American intelligence agencies have said Iran could make a bomb between 2009 and 2015. A national intelligence estimate made public late last year concluded that around the end of 2003, after long effort, Iran had halted work on an actual weapon. But enriching uranium, and obtaining enough material to build a weapon, is considered the most difficult part of the process.

Siegfried S. Hecker of Stanford University and a former director of the Los Alamos weapons laboratory said the growing size of the Iranian stockpile “underscored that they are marching down the path to developing the nuclear weapons option.”

In the report to its board, the atomic agency said Iran’s main enrichment plant was now feeding uranium into about 3,800 centrifuges – machines that spin incredibly fast to enrich the element into nuclear fuel. That count is the same as in the agency’s last quarterly report, in September. Iran began installing the centrifuges in early 2007. But the new report’s total of 630 kilograms – an increase of about 150 – shows that Iran has been making progress in accumulating material to make nuclear fuel.

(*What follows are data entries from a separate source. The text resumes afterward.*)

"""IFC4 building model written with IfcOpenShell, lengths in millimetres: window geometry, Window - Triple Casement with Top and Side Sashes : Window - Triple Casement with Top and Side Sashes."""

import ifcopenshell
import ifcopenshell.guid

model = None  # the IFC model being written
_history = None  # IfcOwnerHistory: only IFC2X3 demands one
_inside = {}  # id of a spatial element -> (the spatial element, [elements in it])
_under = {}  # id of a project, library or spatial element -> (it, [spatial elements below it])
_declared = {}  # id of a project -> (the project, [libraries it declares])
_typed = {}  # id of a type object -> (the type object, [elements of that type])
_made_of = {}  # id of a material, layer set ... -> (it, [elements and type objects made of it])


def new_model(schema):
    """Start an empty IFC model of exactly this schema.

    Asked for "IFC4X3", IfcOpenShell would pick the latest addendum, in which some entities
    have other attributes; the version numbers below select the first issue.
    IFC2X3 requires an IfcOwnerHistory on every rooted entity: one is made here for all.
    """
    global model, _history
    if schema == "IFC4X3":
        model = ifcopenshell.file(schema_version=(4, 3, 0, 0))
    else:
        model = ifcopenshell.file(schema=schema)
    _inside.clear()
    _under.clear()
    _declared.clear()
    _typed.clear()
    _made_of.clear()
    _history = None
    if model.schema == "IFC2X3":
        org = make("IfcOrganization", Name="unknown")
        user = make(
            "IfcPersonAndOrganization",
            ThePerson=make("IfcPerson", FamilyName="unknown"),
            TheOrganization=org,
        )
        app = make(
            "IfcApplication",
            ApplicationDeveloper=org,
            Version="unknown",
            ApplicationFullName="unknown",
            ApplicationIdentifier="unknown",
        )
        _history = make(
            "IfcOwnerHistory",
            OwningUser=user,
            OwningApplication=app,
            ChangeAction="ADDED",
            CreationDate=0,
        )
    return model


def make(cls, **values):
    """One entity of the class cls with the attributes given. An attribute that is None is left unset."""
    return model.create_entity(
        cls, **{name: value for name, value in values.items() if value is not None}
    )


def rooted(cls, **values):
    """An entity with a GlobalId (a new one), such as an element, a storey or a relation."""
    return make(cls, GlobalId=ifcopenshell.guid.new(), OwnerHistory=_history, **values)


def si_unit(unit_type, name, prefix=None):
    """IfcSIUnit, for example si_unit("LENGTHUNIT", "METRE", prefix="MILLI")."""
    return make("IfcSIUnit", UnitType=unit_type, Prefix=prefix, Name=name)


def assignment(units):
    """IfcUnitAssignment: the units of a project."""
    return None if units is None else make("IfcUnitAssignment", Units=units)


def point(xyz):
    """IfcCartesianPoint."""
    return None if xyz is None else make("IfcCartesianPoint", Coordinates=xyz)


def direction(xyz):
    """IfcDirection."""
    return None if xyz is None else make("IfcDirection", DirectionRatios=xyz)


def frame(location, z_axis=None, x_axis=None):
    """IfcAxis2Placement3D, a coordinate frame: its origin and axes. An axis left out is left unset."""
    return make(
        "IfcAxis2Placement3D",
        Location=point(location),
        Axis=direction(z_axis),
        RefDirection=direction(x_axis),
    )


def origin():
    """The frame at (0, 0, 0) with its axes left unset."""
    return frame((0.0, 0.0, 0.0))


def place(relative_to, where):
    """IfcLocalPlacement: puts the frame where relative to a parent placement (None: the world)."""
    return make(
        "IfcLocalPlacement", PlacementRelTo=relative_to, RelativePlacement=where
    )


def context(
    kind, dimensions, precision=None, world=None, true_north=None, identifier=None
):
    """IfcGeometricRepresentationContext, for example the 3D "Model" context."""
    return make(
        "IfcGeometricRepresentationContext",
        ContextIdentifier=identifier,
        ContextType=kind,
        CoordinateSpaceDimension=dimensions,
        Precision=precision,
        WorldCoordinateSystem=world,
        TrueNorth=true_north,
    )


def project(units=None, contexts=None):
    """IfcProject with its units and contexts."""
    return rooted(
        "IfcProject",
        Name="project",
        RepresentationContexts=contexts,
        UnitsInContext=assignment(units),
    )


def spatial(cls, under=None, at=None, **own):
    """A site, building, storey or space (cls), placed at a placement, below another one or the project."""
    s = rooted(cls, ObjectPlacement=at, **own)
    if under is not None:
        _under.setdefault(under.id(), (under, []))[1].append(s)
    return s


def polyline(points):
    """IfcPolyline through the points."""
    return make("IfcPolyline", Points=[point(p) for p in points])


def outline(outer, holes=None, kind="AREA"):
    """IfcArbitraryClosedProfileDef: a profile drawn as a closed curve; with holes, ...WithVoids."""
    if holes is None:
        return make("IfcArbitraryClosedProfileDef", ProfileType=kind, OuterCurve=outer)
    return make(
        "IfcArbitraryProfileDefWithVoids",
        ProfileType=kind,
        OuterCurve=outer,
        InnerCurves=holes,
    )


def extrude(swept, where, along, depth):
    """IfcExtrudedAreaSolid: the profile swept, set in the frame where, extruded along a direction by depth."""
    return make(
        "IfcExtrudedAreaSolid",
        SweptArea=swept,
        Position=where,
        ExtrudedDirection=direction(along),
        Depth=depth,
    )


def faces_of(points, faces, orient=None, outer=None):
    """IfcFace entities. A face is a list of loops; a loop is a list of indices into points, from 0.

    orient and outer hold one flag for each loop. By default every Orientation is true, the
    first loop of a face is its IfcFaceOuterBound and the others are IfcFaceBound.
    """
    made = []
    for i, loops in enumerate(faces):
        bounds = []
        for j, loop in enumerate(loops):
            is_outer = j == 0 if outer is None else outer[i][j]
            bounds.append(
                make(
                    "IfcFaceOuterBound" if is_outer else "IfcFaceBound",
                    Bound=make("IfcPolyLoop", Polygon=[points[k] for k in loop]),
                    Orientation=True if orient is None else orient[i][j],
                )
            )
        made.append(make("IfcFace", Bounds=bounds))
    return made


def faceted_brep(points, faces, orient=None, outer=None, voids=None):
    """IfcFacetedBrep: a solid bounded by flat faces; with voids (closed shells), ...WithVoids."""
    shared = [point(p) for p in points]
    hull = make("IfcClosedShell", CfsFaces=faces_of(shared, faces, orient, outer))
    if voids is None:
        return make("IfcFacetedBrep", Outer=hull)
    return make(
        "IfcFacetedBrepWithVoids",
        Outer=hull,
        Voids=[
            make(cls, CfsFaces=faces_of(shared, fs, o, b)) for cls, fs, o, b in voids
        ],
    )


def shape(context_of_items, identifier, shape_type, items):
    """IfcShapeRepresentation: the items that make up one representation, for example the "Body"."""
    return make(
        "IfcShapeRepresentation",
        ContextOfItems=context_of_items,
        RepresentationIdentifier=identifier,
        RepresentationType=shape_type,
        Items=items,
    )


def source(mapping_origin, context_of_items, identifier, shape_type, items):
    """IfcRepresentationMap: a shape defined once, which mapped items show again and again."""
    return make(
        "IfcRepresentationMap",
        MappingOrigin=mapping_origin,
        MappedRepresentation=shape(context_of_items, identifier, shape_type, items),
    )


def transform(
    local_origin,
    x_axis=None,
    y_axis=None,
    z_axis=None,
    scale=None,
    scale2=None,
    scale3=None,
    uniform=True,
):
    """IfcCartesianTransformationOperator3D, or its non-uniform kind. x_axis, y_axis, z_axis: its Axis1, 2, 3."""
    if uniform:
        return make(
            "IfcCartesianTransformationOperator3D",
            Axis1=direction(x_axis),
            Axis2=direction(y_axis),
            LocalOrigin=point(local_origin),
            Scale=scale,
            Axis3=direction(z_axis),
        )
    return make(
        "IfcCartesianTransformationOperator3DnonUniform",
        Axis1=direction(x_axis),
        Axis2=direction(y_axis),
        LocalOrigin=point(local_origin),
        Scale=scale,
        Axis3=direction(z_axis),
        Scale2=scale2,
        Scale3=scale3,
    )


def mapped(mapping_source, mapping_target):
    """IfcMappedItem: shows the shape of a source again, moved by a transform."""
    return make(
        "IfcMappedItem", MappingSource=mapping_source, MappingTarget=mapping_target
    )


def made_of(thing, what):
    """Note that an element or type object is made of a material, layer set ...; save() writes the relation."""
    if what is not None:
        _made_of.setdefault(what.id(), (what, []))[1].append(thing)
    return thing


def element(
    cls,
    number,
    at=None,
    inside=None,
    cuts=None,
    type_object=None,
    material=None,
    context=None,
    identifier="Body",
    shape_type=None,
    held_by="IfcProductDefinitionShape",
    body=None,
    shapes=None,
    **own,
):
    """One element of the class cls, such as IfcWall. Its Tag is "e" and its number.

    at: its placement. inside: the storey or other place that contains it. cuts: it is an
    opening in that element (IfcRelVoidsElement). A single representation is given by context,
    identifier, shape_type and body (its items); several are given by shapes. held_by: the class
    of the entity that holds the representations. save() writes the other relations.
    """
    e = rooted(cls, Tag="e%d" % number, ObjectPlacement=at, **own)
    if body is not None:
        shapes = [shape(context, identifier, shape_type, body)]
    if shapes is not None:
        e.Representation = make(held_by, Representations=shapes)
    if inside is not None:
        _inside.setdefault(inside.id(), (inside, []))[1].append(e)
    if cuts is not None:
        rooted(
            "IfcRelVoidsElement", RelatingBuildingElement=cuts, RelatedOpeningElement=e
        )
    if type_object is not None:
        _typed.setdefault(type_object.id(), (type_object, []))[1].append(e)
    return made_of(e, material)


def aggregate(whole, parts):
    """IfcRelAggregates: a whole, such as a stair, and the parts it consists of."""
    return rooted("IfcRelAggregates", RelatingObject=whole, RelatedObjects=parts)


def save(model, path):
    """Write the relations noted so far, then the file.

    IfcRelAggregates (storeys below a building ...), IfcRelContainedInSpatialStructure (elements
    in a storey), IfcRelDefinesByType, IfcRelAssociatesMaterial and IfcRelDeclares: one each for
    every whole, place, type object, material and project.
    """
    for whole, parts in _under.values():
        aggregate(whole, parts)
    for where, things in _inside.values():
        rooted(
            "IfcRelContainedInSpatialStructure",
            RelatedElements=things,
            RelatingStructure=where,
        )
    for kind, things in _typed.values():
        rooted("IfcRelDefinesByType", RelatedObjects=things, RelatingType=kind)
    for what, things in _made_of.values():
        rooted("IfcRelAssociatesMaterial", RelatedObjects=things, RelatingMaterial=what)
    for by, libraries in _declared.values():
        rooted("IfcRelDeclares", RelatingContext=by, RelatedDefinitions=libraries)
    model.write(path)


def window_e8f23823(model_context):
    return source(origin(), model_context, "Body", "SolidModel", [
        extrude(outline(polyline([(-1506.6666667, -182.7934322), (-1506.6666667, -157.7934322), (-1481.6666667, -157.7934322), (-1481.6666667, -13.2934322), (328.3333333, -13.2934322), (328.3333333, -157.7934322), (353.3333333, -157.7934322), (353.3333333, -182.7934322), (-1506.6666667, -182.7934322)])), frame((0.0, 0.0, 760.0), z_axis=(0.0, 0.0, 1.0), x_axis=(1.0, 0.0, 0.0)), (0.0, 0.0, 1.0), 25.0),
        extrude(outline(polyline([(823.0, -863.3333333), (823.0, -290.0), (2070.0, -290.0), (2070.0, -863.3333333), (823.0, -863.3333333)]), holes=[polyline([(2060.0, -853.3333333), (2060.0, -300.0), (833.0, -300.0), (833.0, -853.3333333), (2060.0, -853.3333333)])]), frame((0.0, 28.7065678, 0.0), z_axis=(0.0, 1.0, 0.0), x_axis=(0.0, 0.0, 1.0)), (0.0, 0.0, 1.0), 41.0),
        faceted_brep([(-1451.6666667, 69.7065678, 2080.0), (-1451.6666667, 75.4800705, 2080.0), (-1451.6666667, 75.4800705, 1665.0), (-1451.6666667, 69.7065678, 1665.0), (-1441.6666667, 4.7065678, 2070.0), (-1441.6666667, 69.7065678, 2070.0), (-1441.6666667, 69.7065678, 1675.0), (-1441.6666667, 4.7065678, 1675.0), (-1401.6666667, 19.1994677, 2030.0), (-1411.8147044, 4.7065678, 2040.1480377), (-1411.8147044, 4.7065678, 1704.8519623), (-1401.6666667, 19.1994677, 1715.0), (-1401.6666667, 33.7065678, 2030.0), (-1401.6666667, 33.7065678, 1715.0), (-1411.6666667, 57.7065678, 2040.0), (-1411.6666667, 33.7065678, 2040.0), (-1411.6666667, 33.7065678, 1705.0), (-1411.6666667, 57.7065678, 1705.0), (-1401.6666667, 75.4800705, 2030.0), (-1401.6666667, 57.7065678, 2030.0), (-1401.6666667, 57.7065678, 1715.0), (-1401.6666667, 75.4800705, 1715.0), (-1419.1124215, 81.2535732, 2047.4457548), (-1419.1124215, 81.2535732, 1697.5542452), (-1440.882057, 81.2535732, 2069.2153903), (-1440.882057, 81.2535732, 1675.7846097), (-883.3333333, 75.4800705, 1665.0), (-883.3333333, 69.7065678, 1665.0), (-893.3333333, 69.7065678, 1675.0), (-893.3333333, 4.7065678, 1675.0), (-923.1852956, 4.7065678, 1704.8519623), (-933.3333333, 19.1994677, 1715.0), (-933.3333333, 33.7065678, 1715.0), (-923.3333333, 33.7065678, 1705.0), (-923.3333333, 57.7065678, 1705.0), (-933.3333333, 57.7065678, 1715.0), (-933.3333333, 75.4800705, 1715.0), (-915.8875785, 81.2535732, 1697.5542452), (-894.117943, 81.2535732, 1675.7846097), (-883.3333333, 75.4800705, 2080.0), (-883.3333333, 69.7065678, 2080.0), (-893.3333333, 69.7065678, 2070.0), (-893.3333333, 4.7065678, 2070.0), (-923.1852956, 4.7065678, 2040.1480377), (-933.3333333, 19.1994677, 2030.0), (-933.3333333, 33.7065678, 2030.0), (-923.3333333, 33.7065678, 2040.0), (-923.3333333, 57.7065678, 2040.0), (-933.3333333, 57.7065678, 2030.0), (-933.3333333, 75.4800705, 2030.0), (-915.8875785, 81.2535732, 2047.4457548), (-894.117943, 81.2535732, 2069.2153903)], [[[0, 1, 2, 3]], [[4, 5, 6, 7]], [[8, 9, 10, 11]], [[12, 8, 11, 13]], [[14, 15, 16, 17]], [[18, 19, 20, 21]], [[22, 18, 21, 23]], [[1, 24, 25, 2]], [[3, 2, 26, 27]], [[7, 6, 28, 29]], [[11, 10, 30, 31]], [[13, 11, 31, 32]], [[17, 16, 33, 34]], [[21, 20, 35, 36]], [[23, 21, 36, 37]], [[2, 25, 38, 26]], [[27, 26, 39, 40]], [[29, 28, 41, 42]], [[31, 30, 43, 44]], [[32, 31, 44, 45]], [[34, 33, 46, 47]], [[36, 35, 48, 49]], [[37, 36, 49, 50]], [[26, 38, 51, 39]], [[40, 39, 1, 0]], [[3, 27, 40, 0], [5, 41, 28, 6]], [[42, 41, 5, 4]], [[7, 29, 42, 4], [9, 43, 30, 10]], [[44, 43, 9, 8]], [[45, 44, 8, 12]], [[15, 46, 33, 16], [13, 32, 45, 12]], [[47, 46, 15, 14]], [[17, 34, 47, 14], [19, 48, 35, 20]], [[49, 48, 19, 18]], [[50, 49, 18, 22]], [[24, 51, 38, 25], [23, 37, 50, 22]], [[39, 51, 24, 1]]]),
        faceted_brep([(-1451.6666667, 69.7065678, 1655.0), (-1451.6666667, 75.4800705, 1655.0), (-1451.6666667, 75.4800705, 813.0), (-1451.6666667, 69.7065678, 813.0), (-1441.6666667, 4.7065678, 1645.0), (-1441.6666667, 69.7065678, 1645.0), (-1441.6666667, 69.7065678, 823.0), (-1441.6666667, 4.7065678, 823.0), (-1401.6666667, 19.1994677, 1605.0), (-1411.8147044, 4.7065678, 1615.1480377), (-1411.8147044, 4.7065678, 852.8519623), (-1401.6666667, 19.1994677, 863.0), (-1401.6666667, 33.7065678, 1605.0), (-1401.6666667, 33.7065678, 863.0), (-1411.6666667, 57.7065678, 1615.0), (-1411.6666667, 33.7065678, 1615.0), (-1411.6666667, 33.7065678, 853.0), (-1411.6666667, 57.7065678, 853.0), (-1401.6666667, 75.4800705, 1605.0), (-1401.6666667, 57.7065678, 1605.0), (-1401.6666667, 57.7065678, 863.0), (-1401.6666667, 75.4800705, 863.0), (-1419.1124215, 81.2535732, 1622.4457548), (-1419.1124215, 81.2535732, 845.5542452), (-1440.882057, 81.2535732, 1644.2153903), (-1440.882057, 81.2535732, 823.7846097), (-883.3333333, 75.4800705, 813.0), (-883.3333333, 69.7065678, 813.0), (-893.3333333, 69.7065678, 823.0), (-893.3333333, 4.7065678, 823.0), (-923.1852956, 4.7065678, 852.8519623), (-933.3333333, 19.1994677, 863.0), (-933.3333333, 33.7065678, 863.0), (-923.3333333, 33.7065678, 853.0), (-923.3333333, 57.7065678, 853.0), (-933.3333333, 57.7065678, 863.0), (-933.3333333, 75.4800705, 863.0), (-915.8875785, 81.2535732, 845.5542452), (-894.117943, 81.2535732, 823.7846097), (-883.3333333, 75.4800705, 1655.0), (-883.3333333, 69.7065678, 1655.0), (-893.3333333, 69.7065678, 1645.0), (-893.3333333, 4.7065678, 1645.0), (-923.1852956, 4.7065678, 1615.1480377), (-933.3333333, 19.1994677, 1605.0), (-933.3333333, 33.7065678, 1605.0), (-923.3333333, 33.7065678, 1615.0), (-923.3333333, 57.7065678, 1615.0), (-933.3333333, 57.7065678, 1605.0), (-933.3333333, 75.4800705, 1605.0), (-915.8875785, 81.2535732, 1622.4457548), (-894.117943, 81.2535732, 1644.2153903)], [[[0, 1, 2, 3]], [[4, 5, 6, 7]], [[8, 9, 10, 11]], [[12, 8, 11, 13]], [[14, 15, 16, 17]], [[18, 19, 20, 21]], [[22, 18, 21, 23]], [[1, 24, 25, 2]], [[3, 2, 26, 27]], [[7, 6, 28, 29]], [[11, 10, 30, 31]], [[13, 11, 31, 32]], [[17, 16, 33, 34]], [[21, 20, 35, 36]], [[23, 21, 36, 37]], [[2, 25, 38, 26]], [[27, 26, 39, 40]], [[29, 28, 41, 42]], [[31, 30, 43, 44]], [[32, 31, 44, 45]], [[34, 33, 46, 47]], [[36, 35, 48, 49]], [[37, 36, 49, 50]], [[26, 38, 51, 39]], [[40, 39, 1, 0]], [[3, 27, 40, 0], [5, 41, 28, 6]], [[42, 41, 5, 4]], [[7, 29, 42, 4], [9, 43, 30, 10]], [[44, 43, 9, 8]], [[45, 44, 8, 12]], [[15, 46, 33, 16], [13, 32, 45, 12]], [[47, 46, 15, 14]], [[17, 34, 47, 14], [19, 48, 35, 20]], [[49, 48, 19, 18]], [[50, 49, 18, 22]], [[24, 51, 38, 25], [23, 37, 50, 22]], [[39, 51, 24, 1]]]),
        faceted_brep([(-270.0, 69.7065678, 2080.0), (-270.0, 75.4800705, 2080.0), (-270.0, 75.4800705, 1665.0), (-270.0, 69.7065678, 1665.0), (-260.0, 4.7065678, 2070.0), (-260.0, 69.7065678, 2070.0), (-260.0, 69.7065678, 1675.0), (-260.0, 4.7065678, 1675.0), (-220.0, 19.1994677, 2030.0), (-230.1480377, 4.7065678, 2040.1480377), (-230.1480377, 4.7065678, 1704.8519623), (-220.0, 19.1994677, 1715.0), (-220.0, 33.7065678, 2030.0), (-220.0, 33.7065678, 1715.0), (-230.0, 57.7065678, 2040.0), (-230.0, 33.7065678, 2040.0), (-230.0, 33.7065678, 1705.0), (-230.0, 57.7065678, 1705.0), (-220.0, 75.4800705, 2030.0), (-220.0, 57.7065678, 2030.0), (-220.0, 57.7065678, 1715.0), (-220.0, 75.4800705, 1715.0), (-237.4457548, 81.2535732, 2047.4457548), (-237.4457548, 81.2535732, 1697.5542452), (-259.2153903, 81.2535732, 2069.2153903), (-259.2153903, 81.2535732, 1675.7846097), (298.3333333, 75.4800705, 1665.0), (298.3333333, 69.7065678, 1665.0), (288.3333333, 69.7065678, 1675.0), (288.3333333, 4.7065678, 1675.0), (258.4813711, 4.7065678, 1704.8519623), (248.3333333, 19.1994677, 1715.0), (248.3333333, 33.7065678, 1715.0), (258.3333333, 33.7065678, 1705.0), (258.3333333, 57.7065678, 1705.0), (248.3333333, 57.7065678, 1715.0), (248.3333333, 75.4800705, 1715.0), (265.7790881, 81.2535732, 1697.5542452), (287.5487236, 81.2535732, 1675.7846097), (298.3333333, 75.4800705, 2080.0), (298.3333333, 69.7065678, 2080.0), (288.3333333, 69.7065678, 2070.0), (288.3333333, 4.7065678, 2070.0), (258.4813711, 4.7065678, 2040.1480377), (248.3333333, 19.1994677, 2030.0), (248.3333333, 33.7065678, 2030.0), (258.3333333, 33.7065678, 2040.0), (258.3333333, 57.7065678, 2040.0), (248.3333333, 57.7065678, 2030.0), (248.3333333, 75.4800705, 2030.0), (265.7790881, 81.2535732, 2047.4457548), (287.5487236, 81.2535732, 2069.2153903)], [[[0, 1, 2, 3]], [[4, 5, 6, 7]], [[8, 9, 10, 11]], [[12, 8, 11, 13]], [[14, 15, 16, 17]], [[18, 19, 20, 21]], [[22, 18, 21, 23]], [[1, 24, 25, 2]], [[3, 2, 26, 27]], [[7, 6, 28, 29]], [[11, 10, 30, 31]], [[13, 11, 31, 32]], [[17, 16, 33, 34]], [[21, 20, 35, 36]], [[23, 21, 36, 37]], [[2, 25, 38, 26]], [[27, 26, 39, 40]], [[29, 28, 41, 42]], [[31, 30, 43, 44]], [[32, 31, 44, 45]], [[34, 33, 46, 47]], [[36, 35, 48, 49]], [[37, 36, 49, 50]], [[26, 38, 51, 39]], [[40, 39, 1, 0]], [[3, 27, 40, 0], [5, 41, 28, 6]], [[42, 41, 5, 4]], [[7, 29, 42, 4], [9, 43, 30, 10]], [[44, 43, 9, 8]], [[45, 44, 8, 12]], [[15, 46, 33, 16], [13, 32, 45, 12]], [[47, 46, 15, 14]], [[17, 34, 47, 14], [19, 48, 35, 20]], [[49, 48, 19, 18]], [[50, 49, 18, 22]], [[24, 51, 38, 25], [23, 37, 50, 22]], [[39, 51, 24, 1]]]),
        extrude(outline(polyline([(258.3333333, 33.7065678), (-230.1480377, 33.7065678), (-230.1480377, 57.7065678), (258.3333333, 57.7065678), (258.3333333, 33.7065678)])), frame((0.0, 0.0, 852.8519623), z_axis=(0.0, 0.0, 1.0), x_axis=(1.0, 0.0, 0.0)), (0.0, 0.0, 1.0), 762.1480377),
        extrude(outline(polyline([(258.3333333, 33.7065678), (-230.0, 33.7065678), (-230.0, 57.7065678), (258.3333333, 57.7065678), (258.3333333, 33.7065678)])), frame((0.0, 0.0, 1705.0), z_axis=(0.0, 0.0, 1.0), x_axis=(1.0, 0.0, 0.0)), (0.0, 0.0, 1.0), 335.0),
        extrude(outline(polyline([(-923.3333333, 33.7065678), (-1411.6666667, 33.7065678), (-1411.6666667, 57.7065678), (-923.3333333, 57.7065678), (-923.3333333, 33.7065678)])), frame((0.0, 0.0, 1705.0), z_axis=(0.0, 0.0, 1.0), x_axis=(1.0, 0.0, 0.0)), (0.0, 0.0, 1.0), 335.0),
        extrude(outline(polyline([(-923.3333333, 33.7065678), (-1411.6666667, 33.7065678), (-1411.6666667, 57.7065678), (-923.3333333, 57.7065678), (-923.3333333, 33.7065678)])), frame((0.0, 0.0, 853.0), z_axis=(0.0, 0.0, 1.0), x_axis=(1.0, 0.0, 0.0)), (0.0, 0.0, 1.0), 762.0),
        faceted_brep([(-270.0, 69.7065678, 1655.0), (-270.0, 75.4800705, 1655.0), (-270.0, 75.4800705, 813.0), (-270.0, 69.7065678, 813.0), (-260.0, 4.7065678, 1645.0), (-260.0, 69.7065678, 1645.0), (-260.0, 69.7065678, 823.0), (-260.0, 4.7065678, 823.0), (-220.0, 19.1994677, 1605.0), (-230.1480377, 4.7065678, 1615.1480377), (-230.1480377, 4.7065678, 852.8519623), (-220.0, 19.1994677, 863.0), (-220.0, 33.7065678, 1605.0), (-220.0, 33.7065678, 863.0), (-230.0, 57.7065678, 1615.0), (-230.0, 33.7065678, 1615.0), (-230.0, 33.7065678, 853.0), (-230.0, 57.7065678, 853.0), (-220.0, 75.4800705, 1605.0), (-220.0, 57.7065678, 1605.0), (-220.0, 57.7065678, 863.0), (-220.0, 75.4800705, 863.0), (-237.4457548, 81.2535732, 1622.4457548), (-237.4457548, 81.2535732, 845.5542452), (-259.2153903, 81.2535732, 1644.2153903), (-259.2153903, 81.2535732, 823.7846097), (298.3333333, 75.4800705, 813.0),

That uranium has been enriched to the low levels needed to fuel a nuclear reactor. To further purify it to the highly enriched state needed to fuel a nuclear warhead, Iran would have to reconfigure its centrifuges and do a couple months of additional processing, nuclear experts said.

“They have a weapon’s worth,” Thomas B. Cochran, a senior scientist in the nuclear program of the Natural Resources Defense Council, a private group in Washington that tracks atomic arsenals, said in an interview.
He said the amount was suitable for a relatively advanced implosion-type weapon like the one dropped on Nagasaki. Its core, he added, would be about the size of a grapefruit. He said a cruder design would require about twice as much weapon-grade fuel.

Peter D. Zimmerman, a physicist and former United States government arms scientist, cautioned that the Iranian stockpile fell slightly short of what international officials conservatively estimate as the minimum threatening amount of nuclear fuel. “They’re very close,” he said of the Iranians in an interview. “If it isn’t tomorrow, it’s soon,” probably a matter of months.

In its report, the I.A.E.A., which is based in Vienna, said Iran was working hard to roughly double its number of operating centrifuges.

A senior European diplomat close to the agency said Iran might have 6,000 centrifuges enriching uranium by the end of the year. The report also said Iran had said it intended to start installing another group of 3,000 centrifuges early next year.

The atomic energy agency said Iran was continuing to evade questions about its suspected work on nuclear warheads. In a separate report released Wednesday, the agency said, as expected, that it had found ambiguous traces of uranium at a suspected Syrian reactor site bombed by Israel last year.